# Microsoft Office Application Help - Excel Help forum > Excel Charting & Pivots >  >  How do I set a goal line in a bar graph?

## mtwelsh72

I have a bar graph that graphs percentages to goal, I would like to display a
line within the bar graph that represents the goal.  If possible, I would
then like to have the background of the graph below the goal line to be red,
and above the goal line to be another color.  Can this be done?

----------


## Andy Pope

Hi,

The following pages have examples of how to add lines.

http://peltiertech.com/Excel/Charts/AddLine.html
http://tushar-mehta.com/excel/charts...nes/index.html
http://www.andypope.info/charts/averageline.htm
http://www.processtrends.com/pg_char...ontal_line.htm

Cheers
Andy

mtwelsh72 wrote:
> I have a bar graph that graphs percentages to goal, I would like to display a
> line within the bar graph that represents the goal.  If possible, I would
> then like to have the background of the graph below the goal line to be red,
> and above the goal line to be another color.  Can this be done?

--

Andy Pope, Microsoft MVP - Excel
http://www.andypope.info

----------


## mtwelsh72

Thank you Andy.

I am almost there.  I am having a difficult time finding the "uncheck values
cross between categorys" section in the the formatting windows.  I'm using
Excel 2003, would it be called something different?

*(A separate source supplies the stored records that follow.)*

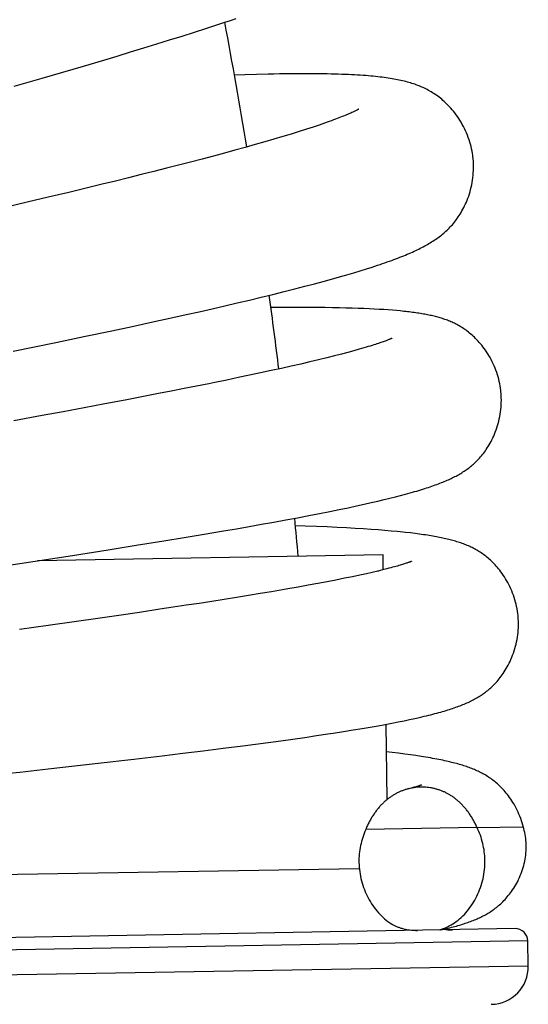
# Model space of a CAD drawing. Header units: millimetres. Extents: x 198 to 322, y 60 to 268.
# Tile 105 of 110: x 318.16 to 320.19, y 246.05 to 249.98. Entities that reach past the tile are written whole.
import ezdxf

# ---------------------------------------------------------------- set-up
doc = ezdxf.new("R2010")
doc.units = ezdxf.units.MM
doc.header["$LTSCALE"] = 30.734
doc.layers.get('0').update_dxf_attribs({"linetype": 'CONTINUOUS'})

msp = doc.modelspace()

# ---------------------------------------------------------------- linework, layer by layer
at = {"color": 7, "linetype": 'Continuous'}
for p, q in [((318.8601, 249.9275), (318.9087, 249.9432)), ((318.9087, 249.9432), (318.9564, 249.9587)), ((318.7605, 249.896), (318.8108, 249.9118)), ((318.8108, 249.9118), (318.8601, 249.9275)), ((318.6047, 249.8481), (318.6573, 249.8642)), ((318.6573, 249.8642), (318.7093, 249.8801)), ((318.7093, 249.8801), (318.7605, 249.896)), ((318.498, 249.8161), (318.5516, 249.8321)), ((318.5516, 249.8321), (318.6047, 249.8481)), ((318.3354, 249.7682), (318.4171, 249.7921)), ((318.4171, 249.7921), (318.498, 249.8161)), ((318.1414, 249.712), (318.2528, 249.7441)), ((318.2528, 249.7441), (318.3354, 249.7682)), ((319.0598, 249.7572), (319.0189, 249.7559)), ((319.1066, 249.7586), (319.0598, 249.7572)), ((319.3325, 249.5489), (319.3056, 249.5402)), ((319.3564, 249.5569), (319.3325, 249.5489)), ((319.3776, 249.5642), (319.3564, 249.5569)), ((319.3964, 249.5709), (319.3776, 249.5642)), ((319.2111, 249.5108), (319.176, 249.5004)), ((319.2446, 249.521), (319.2111, 249.5108)), ((319.2762, 249.5308), (319.2446, 249.521)), ((319.3056, 249.5402), (319.2762, 249.5308)), ((319.0617, 249.4677), (319.0208, 249.4564)), ((319.1012, 249.4788), (319.0617, 249.4677)), ((319.1393, 249.4897), (319.1012, 249.4788)), ((319.176, 249.5004), (319.1393, 249.4897)), ((318.9349, 249.4331), (318.89, 249.4212)), ((318.9785, 249.4448), (318.9349, 249.4331)), ((319.0208, 249.4564), (318.9785, 249.4448)), ((318.7962, 249.3968), (318.7475, 249.3843)), ((318.8437, 249.4091), (318.7962, 249.3968)), ((318.89, 249.4212), (318.8437, 249.4091)), ((318.6475, 249.359), (318.5963, 249.3463)), ((318.6979, 249.3717), (318.6475, 249.359)), ((318.7475, 249.3843), (318.6979, 249.3717)), ((318.4919, 249.3206), (318.4389, 249.3077)), ((318.5444, 249.3335), (318.4919, 249.3206)), ((318.5963, 249.3463), (318.5444, 249.3335)), ((318.2762, 249.2685), (318.1933, 249.2488)), ((318.3582, 249.2881), (318.2762, 249.2685)), ((318.4389, 249.3077), (318.3582, 249.2881)), ((318.1933, 249.2488), (318.11, 249.229)), ((319.5673, 248.9903), (319.5888, 248.9974)), ((319.4366, 248.9509), (319.4661, 248.9594)), ((319.4661, 248.9594), (319.4939, 248.9675)), ((319.4939, 248.9675), (319.5199, 248.9754)), ((319.5199, 248.9754), (319.5444, 248.983)), ((319.5444, 248.983), (319.5673, 248.9903)), ((319.2997, 248.9137), (319.3371, 248.9235)), ((319.3371, 248.9235), (319.3722, 248.933)), ((319.3722, 248.933), (319.4054, 248.9421)), ((319.4054, 248.9421), (319.4366, 248.9509)), ((319.1255, 248.8701), (319.1722, 248.8815)), ((319.1722, 248.8815), (319.2173, 248.8927)), ((319.2173, 248.8927), (319.2598, 248.9034)), ((319.2598, 248.9034), (319.2997, 248.9137)), ((318.9804, 248.8358), (319.0298, 248.8473)), ((319.0298, 248.8473), (319.0781, 248.8587)), ((319.0781, 248.8587), (319.1255, 248.8701)), ((318.7733, 248.7891), (318.8262, 248.8008)), ((318.8262, 248.8008), (318.8784, 248.8125)), ((318.8784, 248.8125), (318.9298, 248.8242)), ((318.9298, 248.8242), (318.9804, 248.8358)), ((319.2079, 248.829), (319.164, 248.8286)), ((319.2466, 248.8291), (319.2079, 248.829)), ((319.2829, 248.8291), (319.2466, 248.8291)), ((319.3171, 248.8291), (319.2829, 248.8291)), ((319.3493, 248.8288), (319.3171, 248.8291)), ((319.3799, 248.8285), (319.3493, 248.8288)), ((319.409, 248.8281), (319.3799, 248.8285)), ((319.4366, 248.8276), (319.409, 248.8281)), ((319.4629, 248.827), (319.4366, 248.8276)), ((319.4878, 248.8263), (319.4629, 248.827)), ((319.5115, 248.8255), (319.4878, 248.8263)), ((319.534, 248.8246), (319.5115, 248.8255)), ((319.5553, 248.8237), (319.534, 248.8246)), ((319.5757, 248.8227), (319.5553, 248.8237)), ((319.595, 248.8217), (319.5757, 248.8227)), ((319.6134, 248.8205), (319.595, 248.8217)), ((319.631, 248.8193), (319.6134, 248.8205)), ((319.6478, 248.818), (319.631, 248.8193)), ((319.664, 248.8167), (319.6478, 248.818)), ((318.6117, 248.7539), (318.6929, 248.7715)), ((318.6929, 248.7715), (318.7733, 248.7891)), ((318.4187, 248.7129), (318.5296, 248.7364)), ((318.5296, 248.7364), (318.6117, 248.7539)), ((318.1376, 248.6546), (318.3064, 248.6895)), ((318.3064, 248.6895), (318.4187, 248.7129)), ((319.4455, 248.6434), (319.4175, 248.6362)), ((319.471, 248.6501), (319.4455, 248.6434)), ((319.4944, 248.6565), (319.471, 248.6501)), ((319.5156, 248.6624), (319.4944, 248.6565)), ((319.2829, 248.6038), (319.2451, 248.5951)), ((319.3194, 248.6123), (319.2829, 248.6038)), ((319.3542, 248.6206), (319.3194, 248.6123)), ((319.387, 248.6286), (319.3542, 248.6206)), ((319.4175, 248.6362), (319.387, 248.6286)), ((319.123, 248.5683), (319.0793, 248.5589)), ((319.1653, 248.5774), (319.123, 248.5683)), ((319.206, 248.5864), (319.1653, 248.5774)), ((319.2451, 248.5951), (319.206, 248.5864)), ((318.9163, 248.5253), (318.8675, 248.5155)), ((319.0341, 248.5495), (318.9878, 248.5399)), ((319.0793, 248.5589), (319.0341, 248.5495)), ((318.7156, 248.4856), (318.6634, 248.4755)), ((318.7671, 248.4956), (318.7156, 248.4856)), ((318.8177, 248.5056), (318.7671, 248.4956)), ((318.8675, 248.5155), (318.8177, 248.5056)), ((318.5022, 248.4448), (318.4195, 248.4293)), ((318.5836, 248.4602), (318.5022, 248.4448)), ((318.6634, 248.4755), (318.5836, 248.4602)), ((318.3361, 248.4137), (318.2522, 248.3982)), ((318.4195, 248.4293), (318.3361, 248.4137)), ((318.2522, 248.3982), (318.1403, 248.3776)), ((319.5636, 248.051), (319.5903, 248.0572)), ((319.5903, 248.0572), (319.6151, 248.063)), ((319.6151, 248.063), (319.6384, 248.0687)), ((319.6384, 248.0687), (319.6603, 248.0742)), ((319.6603, 248.0742), (319.6809, 248.0795)), ((319.6809, 248.0795), (319.7004, 248.0847)), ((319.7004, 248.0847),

Currently my spreadsheet shows the bars (performance) and I have the line
representing their goal, however, it does not go from edge to edge.  It
currently goes from the first performance to the last performance.

Can you help?

"Andy Pope" wrote:

> Hi,
>
> The following pages have examples of how to add lines.
>
> http://peltiertech.com/Excel/Charts/AddLine.html
> http://tushar-mehta.com/excel/charts...nes/index.html
> http://www.andypope.info/charts/averageline.htm
> http://www.processtrends.com/pg_char...ontal_line.htm
>
> Cheers
> Andy
>
> mtwelsh72 wrote:
> > I have a bar graph that graphs percentages to goal, I would like to display a
> > line within the bar graph that represents the goal.  If possible, I would
> > then like to have the background of the graph below the goal line to be red,
> > and above the goal line to be another color.  Can this be done?
>
> --
>
> Andy Pope, Microsoft MVP - Excel
> http://www.andypope.info
>

----------


## Andy Pope

To get the line to go from edge to edge you will need to put it on the
secondary axis. Then you Chart options to enable the secondary X axis.
Double click the secondary x axis and on the scale tab you should find
the crosses between categories.

Cheers
Andy

mtwelsh72 wrote:
> Thank you Andy.
>
> I am almost there.  I am having a difficult time finding the "uncheck values
> cross between categorys" section in the the formatting windows.  I'm using
> Excel 2003, would it be called something different?
>
> Currently my spreadsheet shows the bars (performance) and I have the line
> representing their goal, however, it does not go from edge to edge.  It
> currently goes from the first performance to the last performance.
>
> Can you help?
>
> "Andy Pope" wrote:
>
>
>>Hi,
>>
>>The following pages have examples of how to add lines.
>>
>>http://peltiertech.com/Excel/Charts/AddLine.html
>>http://tushar-mehta.com/excel/charts...nes/index.html
>>http://www.andypope.info/charts/averageline.htm
>>http://www.processtrends.com/pg_char...ontal_line.htm
>>
>>Cheers
>>Andy
>>
>>mtwelsh72 wrote:
>>
>>>I have a bar graph that graphs percentages to goal, I would like to display a
>>>line within the bar graph that represents the goal.  If possible, I would
>>>then like to have the background of the graph below the goal line to be red,
>>>and above the goal line to be another color.  Can this be done?
>>
>>--
>>
>>Andy Pope, Microsoft MVP - Excel
>>http://www.andypope.info
>>

--

Andy Pope, Microsoft MVP - Excel
http://www.andypope.info

----------


## Sellenzz

Yeah I just set up a column next to my other data with the goal. This worked great, as Im using pivot. All I do is pivot the goal column right into the data area

----------